:: PROBLEM DESCRIPTION ::
Produce word for word the lines of the data below running from the one that has "Length unit declared in the file: millimetre" to the one that has "Faces by surface", inclusive, and no others.

:: Saved data entries ::
= = =
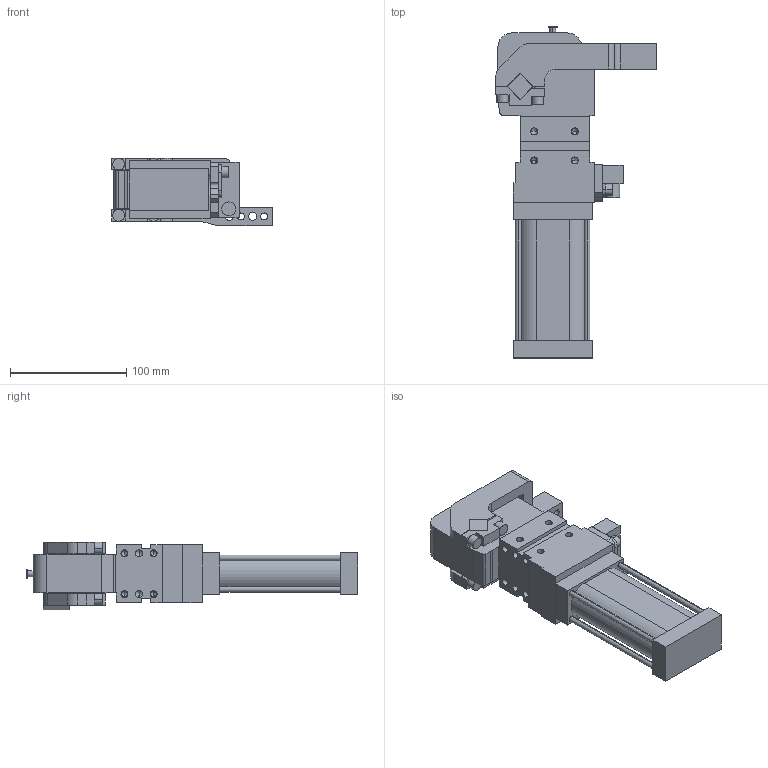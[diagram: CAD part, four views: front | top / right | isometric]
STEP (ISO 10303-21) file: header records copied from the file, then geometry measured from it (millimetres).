
FILE_DESCRIPTION (( 'STEP AP214' ), '1' );
FILE_NAME ('cpl40v1dsi1g_31.STEP', '2021-05-19T10:25:50', ( '' ), ( '' ), 'SwSTEP 2.0', 'SolidWorks 2021', '' );
FILE_SCHEMA (( 'AUTOMOTIVE_DESIGN' ));
Length unit declared in the file: millimetre
Products named in the file (5): piastra_blocchetto_cpl40; cpl40v1dsi1g_31; blocchetto_VEP_0_cpl40; leva_v1s_cpl40; meccanica_cpl40
Assembly tree (4 placements, depth 2):
  cpl40v1dsi1g_31
    meccanica_cpl40
    blocchetto_VEP_0_cpl40
    piastra_blocchetto_cpl40
    leva_v1s_cpl40
Bounding box: 138 x 285 x 58 mm (x, y, z)
Volume: 773836 mm3; surface area: 118009.1 mm2
Topology: 5 solids, 5 shells, 413 faces, 1055 edges, 659 vertices
Faces by surface type: plane 218, cylinder 147, cone 48
Entity records: 13750 total; most frequent: DIRECTION 2173, CARTESIAN_POINT 2088, ORIENTED_EDGE 2018, EDGE_CURVE 1009, AXIS2_PLACEMENT_3D 744, VECTOR 685, LINE 685, VERTEX_POINT 659
= = =
:: RESPONSE ::
Length unit declared in the file: millimetre
Products named in the file (5): piastra_blocchetto_cpl40; cpl40v1dsi1g_31; blocchetto_VEP_0_cpl40; leva_v1s_cpl40; meccanica_cpl40
Assembly tree (4 placements, depth 2):
  cpl40v1dsi1g_31
    meccanica_cpl40
    blocchetto_VEP_0_cpl40
    piastra_blocchetto_cpl40
    leva_v1s_cpl40
Bounding box: 138 x 285 x 58 mm (x, y, z)
Volume: 773836 mm3; surface area: 118009.1 mm2
Topology: 5 solids, 5 shells, 413 faces, 1055 edges, 659 vertices
Faces by surface type: plane 218, cylinder 147, cone 48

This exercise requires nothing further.